Scientists from Google Research and the company Loon, which is spun off from Google, have used reinforcement learning to train an AI to keep a stratospheric balloon autonomously in a fixed area. The AI lets the balloon rise or fall so that it can use high-altitude winds in different directions in order not to leave a radius of 50 kilometers around its reference point.
Loon emerged from the Google X experimental laboratory. The company supplies regions with weak network coverage with Internet access via stratospheric balloons. The new control is more efficient than the old, manually optimized method. Marc Bellemare and his colleagues now describe the technical details of the method in the journal Nature.
The balloons use solar-powered pumps to take in or out air, and so rise or fall. Since the winds blow steadily in the stratosphere, the balloons can be controlled quite reliably: If a balloon is too far from its reference point, the controller searches for a height at which a suitable wind blows based on meteorological data and wind forecasts . The previously used “Station Seeker” algorithm was quite conservative. He preferred winds that blew at the smallest possible angle to the target and at the lowest possible speed.

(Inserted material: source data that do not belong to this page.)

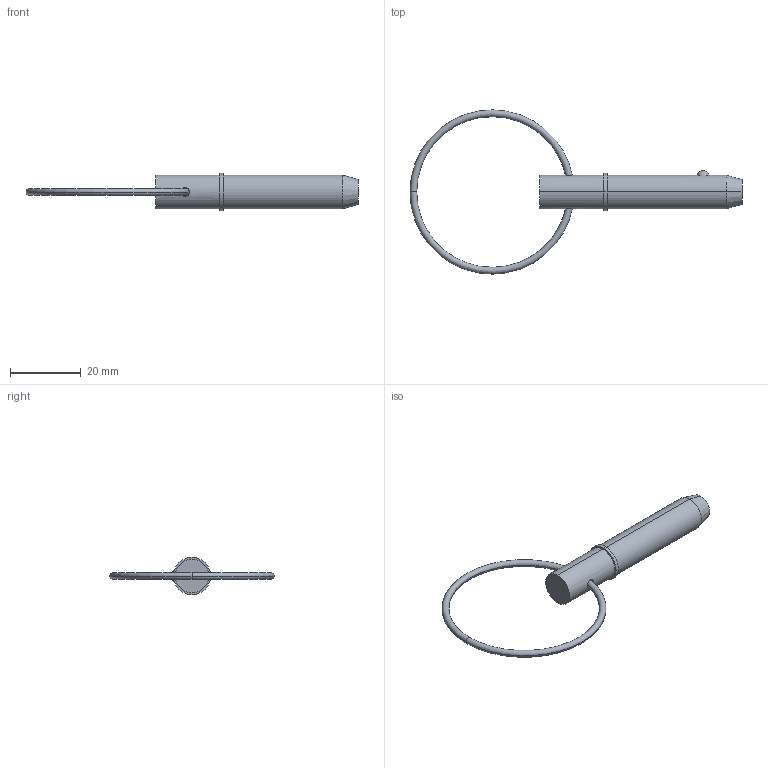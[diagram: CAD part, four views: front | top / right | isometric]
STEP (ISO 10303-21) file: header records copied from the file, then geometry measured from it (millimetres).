
FILE_DESCRIPTION (( 'STEP AP203' ), '1' );
FILE_NAME ('33014.W3710.step', '2024-11-04T08:26:07', ( '' ), ( '' ), 'SwSTEP 2.0', 'SolidWorks 2019', '' );
FILE_SCHEMA (( 'CONFIG_CONTROL_DESIGN' ));
Length unit declared in the file: millimetre
Products named in the file (3): Part2_33014.W3710; 33014.W3710; Part1_33014.W3710
Assembly tree (2 placements, depth 2):
  33014.W3710
    Part1_33014.W3710
    Part2_33014.W3710
Bounding box: 93.73 x 46.36 x 10.48 mm (x, y, z)
Volume: 4381.8 mm3; surface area: 2747 mm2
Topology: 2 solids, 2 shells, 22 faces, 43 edges, 26 vertices
Faces by surface type: torus 8, cylinder 6, plane 4, sphere 2, cone 2
Entity records: 1005 total; most frequent: CARTESIAN_POINT 228, DIRECTION 120, ORIENTED_EDGE 86, AXIS2_PLACEMENT_3D 56, EDGE_CURVE 43, CIRCLE 29, EDGE_LOOP 27, PERSON_AND_ORGANIZATION 26
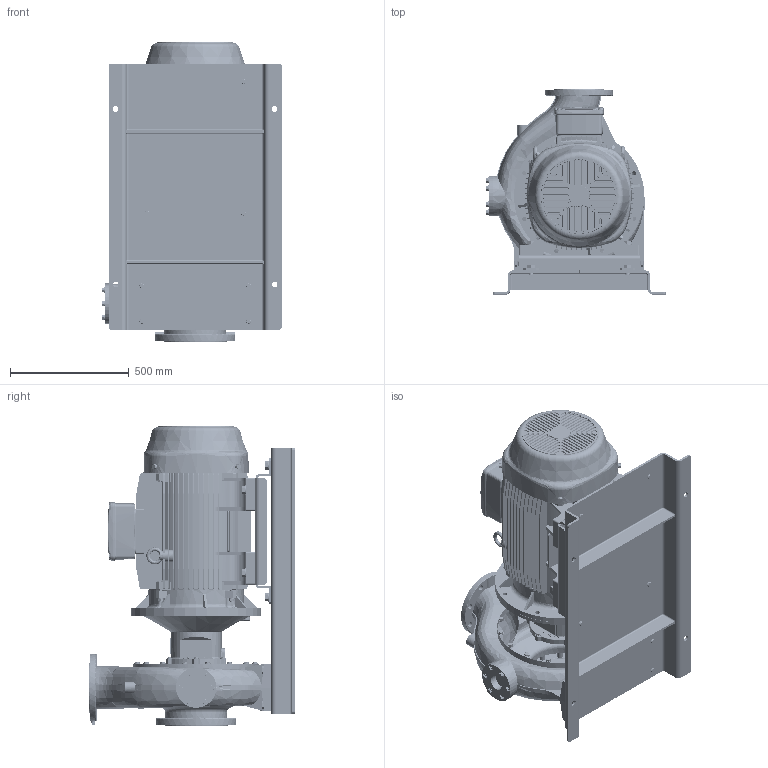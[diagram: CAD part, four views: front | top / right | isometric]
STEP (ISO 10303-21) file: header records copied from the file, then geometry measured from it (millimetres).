
FILE_DESCRIPTION (( 'STEP AP214' ), '1' );
FILE_NAME ('GSD4 150-400_55 & 75_(250SM)_W21.STEP', '2026-07-01T02:29:26', ( '' ), ( '' ), 'SwSTEP 2.0', 'SolidWorks 2024', '' );
FILE_SCHEMA (( 'AUTOMOTIVE_DESIGN' ));
Length unit declared in the file: millimetre
Products named in the file (12): GSD4 150-400_55 & 75_(250SM)_W21; CGS11-5292; 150-400-250S_M_ﾃﾞﾌｫﾙﾄ; Parametric bolt_SFT-A403B; Parametric bolt and washer_SFT-A403B; Parametric bolt_SFT-A399B; 250S_M4P IE3_W21T_B35; Parametric Flat Washer_M20; Parametric bolt and washer_SFT-A411B; Parametric bolt_SFT-A411B; N9S4 GSDA-94G F1-1832984-00; Parametric bolt and washer_SFT-A399B
Assembly tree (22 placements, depth 3):
  GSD4 150-400_55 & 75_(250SM)_W21
    150-400-250S_M_ﾃﾞﾌｫﾙﾄ
    250S_M4P IE3_W21T_B35
    N9S4 GSDA-94G F1-1832984-00
    CGS11-5292
    Parametric bolt and washer_SFT-A403B  x4
      Parametric bolt_SFT-A403B
      Parametric Flat Washer_M20
    Parametric bolt and washer_SFT-A399B  x4
      Parametric bolt_SFT-A399B
      Parametric Flat Washer_M20
    Parametric bolt and washer_SFT-A411B  x4
      Parametric bolt_SFT-A411B
      Parametric Flat Washer_M20
Bounding box: 756.45 x 865 x 1260.5 mm (x, y, z)
Volume: 198318485.2 mm3; surface area: 8876091.7 mm2
Topology: 36 solids, 41 shells, 4555 faces, 11965 edges, 7617 vertices
Faces by surface type: plane 1827, cylinder 1565, cone 551, bspline 321, torus 273, sphere 18
Entity records: 195101 total; most frequent: CARTESIAN_POINT 102492, ORIENTED_EDGE 20312, DIRECTION 18282, EDGE_CURVE 10156, AXIS2_PLACEMENT_3D 6691, VERTEX_POINT 6450, VECTOR 4900, LINE 4900

However, this strategy is not always optimal in terms of energy. The Google researchers therefore wanted to test whether reinforcement learning would be a better solution to the problem. The algorithm performs a large number of different actions in a simulation in order to learn which strategy leads to the greatest possible success. The method has recently been used with great success, especially in computer games. In contrast to game scenarios, however, the AI only has limited and incorrect data for this problem. Bellemare and colleagues filled these gaps by adding randomly generated noise to the wind data.
The neural network trained in this way was actually able to master the task better than the algorithm previously used: the balloon stayed within a radius of 50 kilometers around the reference point around 55 percent of the time, while Seeker station only stayed 40 percent of the time brought. That doesn’t read particularly impressive at first. In absolute numbers, however, the balloon spent around 3.5 hours more in the target area within 24 hours.
In addition, the bar on this problem is quite high. The limitation of the navigation method and the incomplete information about the wind system mean that the researchers calculated an upper limit of 68 percent of the time within the 50 kilometer radius. More, they write, could not be achieved “even with perfect knowledge of the wind system”, since there are situations in which the prevailing winds would simply make a solution impossible. If the information about the winds is incomplete, the researchers come to an upper limit of 55 percent. Because more information would improve the controls, the balloons will collect data during the flight in future. However, Bellemare writes that letting the neural network learn further in the course of operation would be of little use because it has already had “millions of flights in the simulation” behind it.
The researchers write that the method cannot be applied to networking balloons alone. Altitude balloons that remain in one place could also be used for a variety of other tasks such as environmental measurements or forest fire observation. “The primary use for Loon is to provide connectivity to underserved populations,” writes Bellemare. However, the ability to quickly train a controller for other purposes opens up a number of opportunities for the team to pursue.